_Information_
======

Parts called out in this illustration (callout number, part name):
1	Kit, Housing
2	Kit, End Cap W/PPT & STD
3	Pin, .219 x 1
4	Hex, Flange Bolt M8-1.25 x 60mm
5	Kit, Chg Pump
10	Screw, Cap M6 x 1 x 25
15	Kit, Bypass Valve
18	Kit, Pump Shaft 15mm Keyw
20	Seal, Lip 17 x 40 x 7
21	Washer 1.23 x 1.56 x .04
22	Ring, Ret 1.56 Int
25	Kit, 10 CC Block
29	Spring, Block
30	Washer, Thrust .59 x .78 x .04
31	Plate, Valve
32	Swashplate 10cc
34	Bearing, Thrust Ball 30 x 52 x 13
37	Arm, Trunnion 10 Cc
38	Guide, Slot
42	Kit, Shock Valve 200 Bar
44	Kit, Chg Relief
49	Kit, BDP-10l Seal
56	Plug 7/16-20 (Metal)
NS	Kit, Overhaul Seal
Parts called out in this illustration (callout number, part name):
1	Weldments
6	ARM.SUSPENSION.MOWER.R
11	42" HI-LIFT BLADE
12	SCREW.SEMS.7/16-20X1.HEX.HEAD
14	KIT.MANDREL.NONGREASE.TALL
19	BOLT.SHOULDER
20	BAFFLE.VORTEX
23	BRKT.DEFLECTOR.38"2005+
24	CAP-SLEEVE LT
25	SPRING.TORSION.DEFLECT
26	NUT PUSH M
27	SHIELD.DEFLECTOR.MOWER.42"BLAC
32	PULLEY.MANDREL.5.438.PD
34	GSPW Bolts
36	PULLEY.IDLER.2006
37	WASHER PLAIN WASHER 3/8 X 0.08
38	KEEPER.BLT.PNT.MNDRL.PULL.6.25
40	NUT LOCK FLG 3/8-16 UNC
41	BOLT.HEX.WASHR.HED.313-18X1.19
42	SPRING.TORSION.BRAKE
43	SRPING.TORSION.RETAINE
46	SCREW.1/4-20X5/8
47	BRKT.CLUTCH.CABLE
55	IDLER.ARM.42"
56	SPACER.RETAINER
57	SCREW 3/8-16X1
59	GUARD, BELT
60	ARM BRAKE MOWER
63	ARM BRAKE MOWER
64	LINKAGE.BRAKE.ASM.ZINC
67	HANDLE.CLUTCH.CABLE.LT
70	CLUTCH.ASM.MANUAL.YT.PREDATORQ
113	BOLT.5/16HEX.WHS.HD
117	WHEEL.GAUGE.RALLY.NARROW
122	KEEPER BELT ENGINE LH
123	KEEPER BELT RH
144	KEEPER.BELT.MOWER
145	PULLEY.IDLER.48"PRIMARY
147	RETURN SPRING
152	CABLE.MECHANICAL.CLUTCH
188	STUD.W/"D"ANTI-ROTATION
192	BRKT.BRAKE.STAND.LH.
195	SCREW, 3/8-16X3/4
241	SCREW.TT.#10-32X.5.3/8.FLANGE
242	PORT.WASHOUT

======

_Work request_
Select and copy each line from the data that includes the word "BRKT".

_Reply_
23	BRKT.DEFLECTOR.38"2005+
47	BRKT.CLUTCH.CABLE
192	BRKT.BRAKE.STAND.LH.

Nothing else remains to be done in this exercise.